182P - Serum CEA directed PET-CECT scan strategy for followup of colorectal cancer post curative therapy

Date 17 December 2016
Event ESMO Asia 2016 Congress
Session Poster lunch
Topics Biomarkers
Colon and Rectal Cancer
Rectal Cancer
Staging procedures (clinical staging)
Presenter Karthik Chandra Vallam
Citation Annals of Oncology (2016) 27 (suppl_9): ix53-ix67. 10.1093/annonc/mdw581
Authors K.C. Vallam1, G. Channabasavaiah2, A. Agarwal3, V. Rangarajann3, V. Ostwal4, R. Engineer5, A. Saklani6
  • 1Surgical Oncology, Mahatmagandhi Cancer Hospital and Research Institute, 530017 - Visakhapatnam/IN
  • 2Surgical Oncology, Caritas Cancer Institute Kottayam, 688630 - Kottayam/IN
  • 3Nuclear Medicine, Tata Memorial Hospital Centre, 400012 - Mumbai/IN
  • 4Medical Oncology, Tata Memorial Hospital Centre, 400012 - Mumbai/IN
  • 5Radiation Oncology, Tata Memorial Hospital Centre, 400012 - Mumbai/IN
  • 6Surgical Oncology, Tata Memorial Hospital Centre, 400012 - Mumbai/IN

Abstract

Background

As per existing guidelines, during the follow-up of surgically resected colorectal cancer, PET-CT is indicated for asymptomatic elevation of CEA>5ng/ml and no obvious site of recurrence on clinical examination and basic imaging. As an instituitional policy, PET-CECT scan was being performed at our institute whenever 1)CEA levels rose above 5 ng/ml and 2)whenever there was doubling of CEA value (even if CEA was

Methods

We retrospectively analysed all cases where a PET-CT scan was performed for elevated CEA during the post treatment period after complete resection of the primary tumour with adjuvant therapy. Study period was from January 1,2013 to July 31, 2015.

Results

Among 104 patients who underwent PET/CT scan for rising CEA values, 59.6% patients were found to have recurrent disease. At CEA level < 5ng/ml, 5.1-10 ng/ml, 10.1-15 ng/ml, 15.1-50 ng/ml and >50 ng/ml, disease recurred in 10%, 45%,70%,94% and 100% of patients, respectively.
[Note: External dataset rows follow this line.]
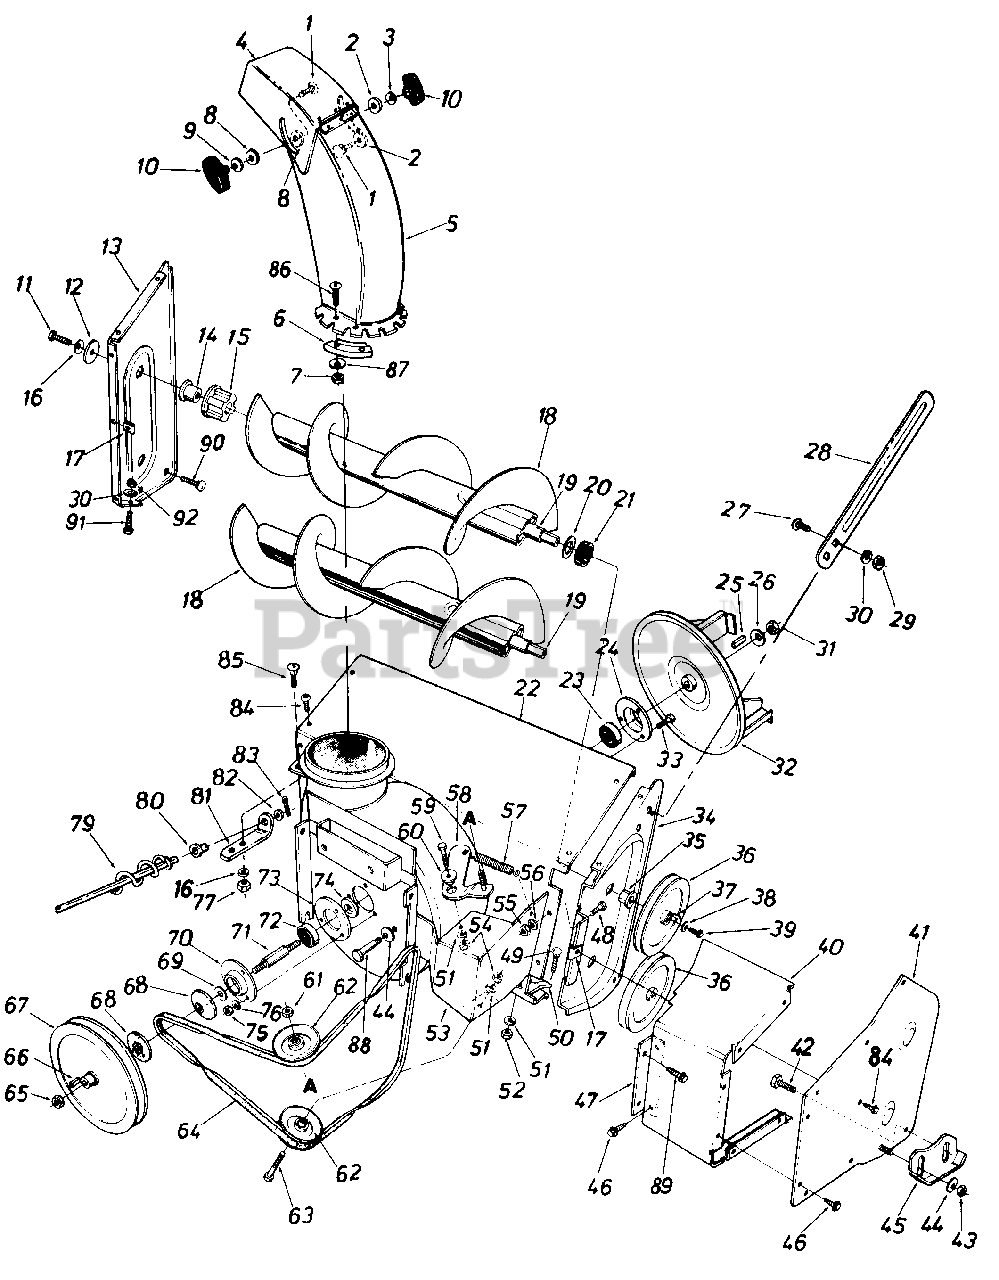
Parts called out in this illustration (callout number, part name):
1	Carriage Bolt 5/16-18 x 1.0" Lg.
2	Fl-Wash. .344" I.D. x 1.125" O.D.
3	Bell-Wash. .345" I.D. x .88" O.D.
4	Upper Chute
5	Lower Chute
6	Chute Flange Keeper
7	Hex Patch L-Nut 1/4-20 Thd.
8	Fl-Wash. .531" I.D. x 1.25" O.D.
9	Bell-Wash. .345" I.D. x .88" O.D.
10	Knob Handle Ass'y.
11	Hex Bolt 5/16-18 x 1.0" Lg. (Grade 5)
12	Fl-Wash. .32" I.D.
13	Spiral Housing Plate L.H.
14	Shaft Pin 1.0" O.D. x .94
15	Tubing Support Brg.
16	Bell-Wash. .345" I.D. x .88" O.D.
17	Speed Clip 1/4-20
18	Auger Ass'y. 22" x 6" Dia.
20	Fl-Wash. .760" I.D. x 1.75" O.D.
21	Spacer 1.25" I.D. x 1.50" O.D. x .58" Thk.
22	22" Spiral Housing Ass'y.
23	Ball-Brg. .787" I.D. x 1.85" O.D. x .551
24	Bearing Housing 1.85" I.D.
25	Sq. Key 3/16 x 1.50" Lg.
26	Bell-Wash. .630" I.D. x 1.25" O.D.
27	Carriage Bolt 5/16-18 x .62" Lg.
29	Hex Nut 5/16-18 Thd.
30	L-Wash. 5/16" I.D.
31	Hex Jam Nut 5/8-18 Thd.
32	11 " Dia. Blower Fan Ass'y.
33	Hex Bolt 5/16-18 x 1.00" Lg. (Grade 5)
34	Spiral Housing Plate R.H.
35	Hex Flange Brg. .751" I.D.
36	3/8" V-Pulley 5/8" I.D. x 5.5" O.D.
37	Sq. Key 3/16" X .75" Lg.
38	Bell-Wash. .265" I.D. x .75" O.D.
39	Hex Bolt 1/4-20 x .62" Lg.
40	Belt Cover Top
41	Belt Cover Side Ass'y.
42	Hex Bolt 3/8-16 x .75" Lg.
43	Hex Jam Nut 3/8-16 Thd.
44	Bell-Wash. .400" I.D. x .88" O.D.
47	Support Bracket
48	Hex Bolt 5/16-18 x .50" Lg.
49	Carriage Bolt 5/16-18 x .62" Lg.
50	Scraper Bar Kit 22"
51	Bell-Wash. .345" I.D. x .88" O.D.
52	Hex Nut 5/16-18 Thd.
54	Hex Nut 3/8-24 Thd.
55	Hex Nut 5/16-18 Thd.
56	L-Wash. 5/16" I.D.
57	Extension Spring .620" O.D. x 8" Lg
58	Idler Bracket Ass'y.
59	Hex Bolt 3/8-24 x .75" Lg.
60	Shld. Spacer .625" I.D.
61	Hex Ins. L-Nut 3/8-24 Thd.
62	"V"-Idler 2.62" O.D.
63	Hex Bolt 3/8-24 x 1.25" Lg.
64	V-Belt
65	Hex Cent. L-Nut 5/8-18 Thd.
66	Sq. Key 3/16 x .75" Lg.
67	5/8" "V"-Pulley .628" I.D. x 7.50" O.D.
68	3/8" "V"-Pulley Half .625" I.D. x 2.25" O.D.
69	Fl-Wash. .535" I.D. x 1.0" O.D.
70	Open Brg. Housing Ass'y.
71	Fan Spindle
72	Ball Brg. .787" I.D. x 1.85" O.D.
73	Spindle Reinforcement Plate
74	Spacer .790" I.D. x 1.0" O.D.
75	Hex Nut 5/16-18 Thd.
76	L-Wash. 5/16" I.D.
77	Hex Nut 5/16-18 Thd.
79	Chute Crank Ass'y. R.H. 39.0" Lg.
80	Plastic Bushing .380" I.D.
82	Fl-Wash. .385" I.D. x .62" O.D.
83	Cotter Pin 8/32" Dia. x .75" Lg.
84	Truss Mach. Scr. 1/4-20 x .50" Lg.
85	Carr. Bolt 5/16-18 x .75" Lg.
86	Truss Mach. Scr. 1/4-20 x .75"
87	Fl-Wash. .265" I.D. x .75" O.D. x .062
88	Shld. Bolt .5" Dia. x 2.11" Lg.
89	Hex Wash. Hd. Tap Scr. 5/16-24 x .5" Lg.
90	Carriage Bolt 3/8-16 x .62" Lg.
91	Hex Bolt 5/16-24 x .5" Lg.
92	Hex Nut 5/16-24 Thd.
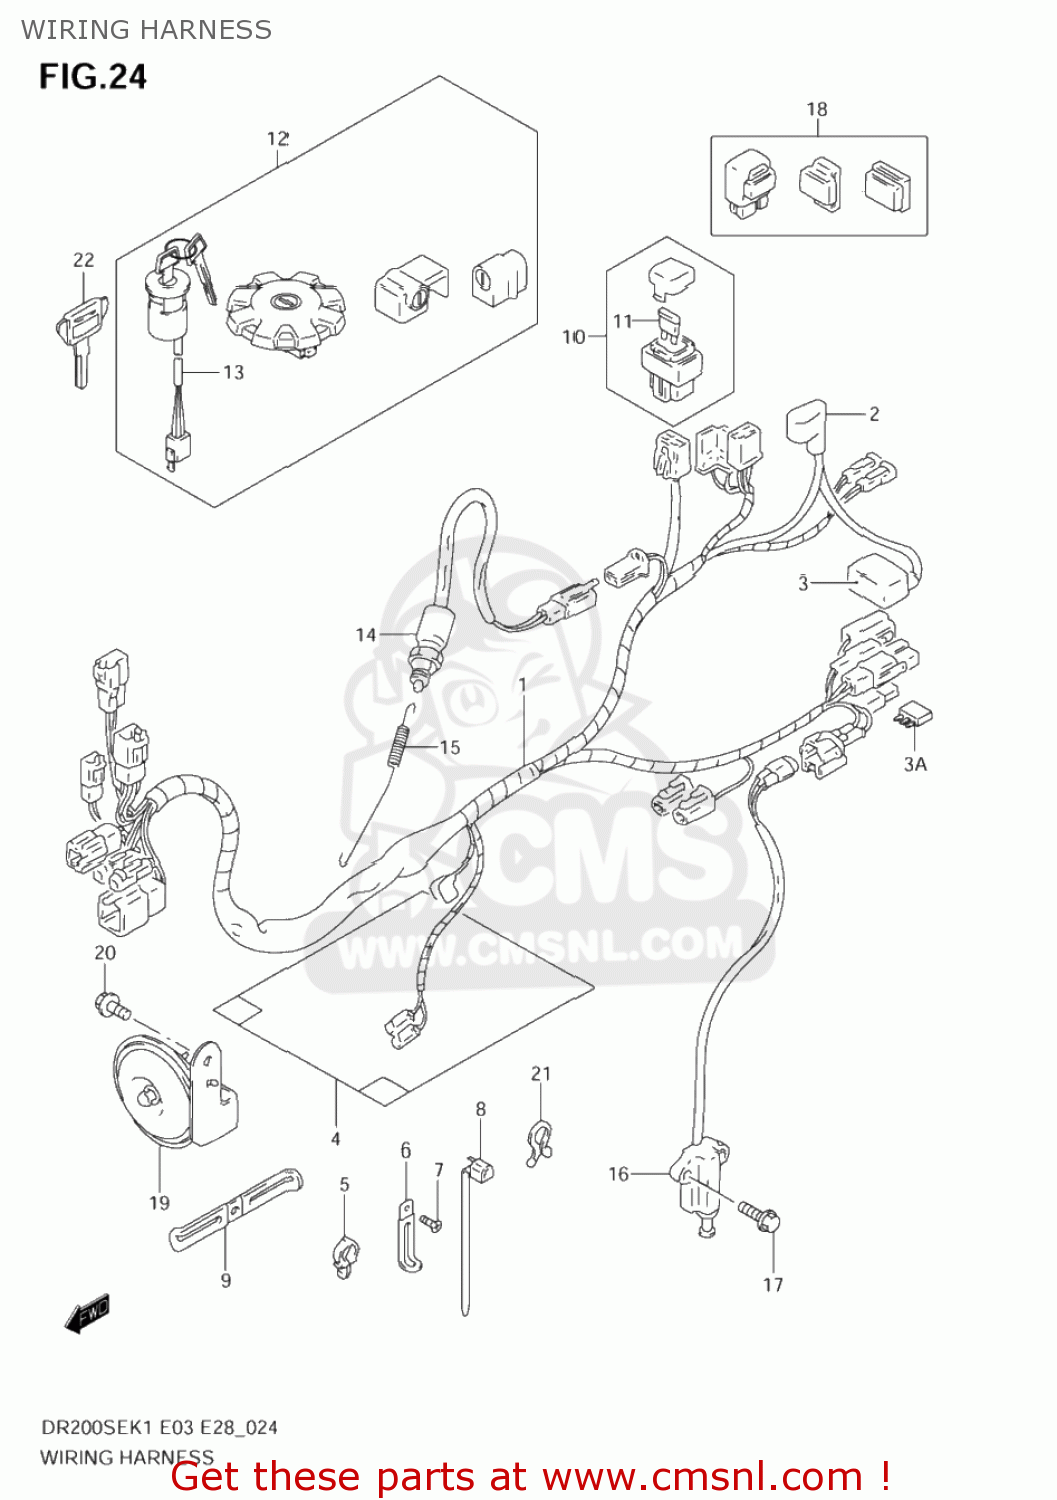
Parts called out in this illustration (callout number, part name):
1	HARNESS,WIRING
2	CAP,STARTER RELAY
3	CAP,BATTERY PLUS
3A	DIODE(STANLEY DE8804)
4	COVER,WIRING HARNESS
5	CLAMP
6	CLAMP(L:45)
7	SCREW
8	CLAMP(L:95)
9	CLAMP,STARTER MOTOR LEAD
10	BOX ASSY,FUSE
11	FUSE(20A)
12	LOCK SET
13	SWITCH ASSEMBLY,IGNITION
14	SWITCH ASSY,STOP LAMP
15	SPRING
16	SWITCH ASSY,SIDE STAND
17	BOLT
18	RELAY ASSY
19	HORN ASSY
20	BOLT
21	CLIP(ID:11.5)
22	KEY,BLANK(TYPE:C)

Sensitivity, specificity, positive predictive value and negative predictive value of PET/CT scan were 92.7%,95.2%,96.2% and 90.9%, respectively.CEA elevation during follow-up was indicative of recurrence in 68% of secretors and 45% of non-secretors (based on baseline CEA status).

Conclusions

In the setting of rising CEA levels during follow-up of colorectal cancer patients, PET/CT scan is a valuable tool to detect recurrence, irrespective of the baseline CEA secretor status.

Clinical trial indentification

Not applicable

Legal entity responsible for the study

Karthik Chandra

Funding

N/A

Disclosure

All authors have declared no conflicts of interest.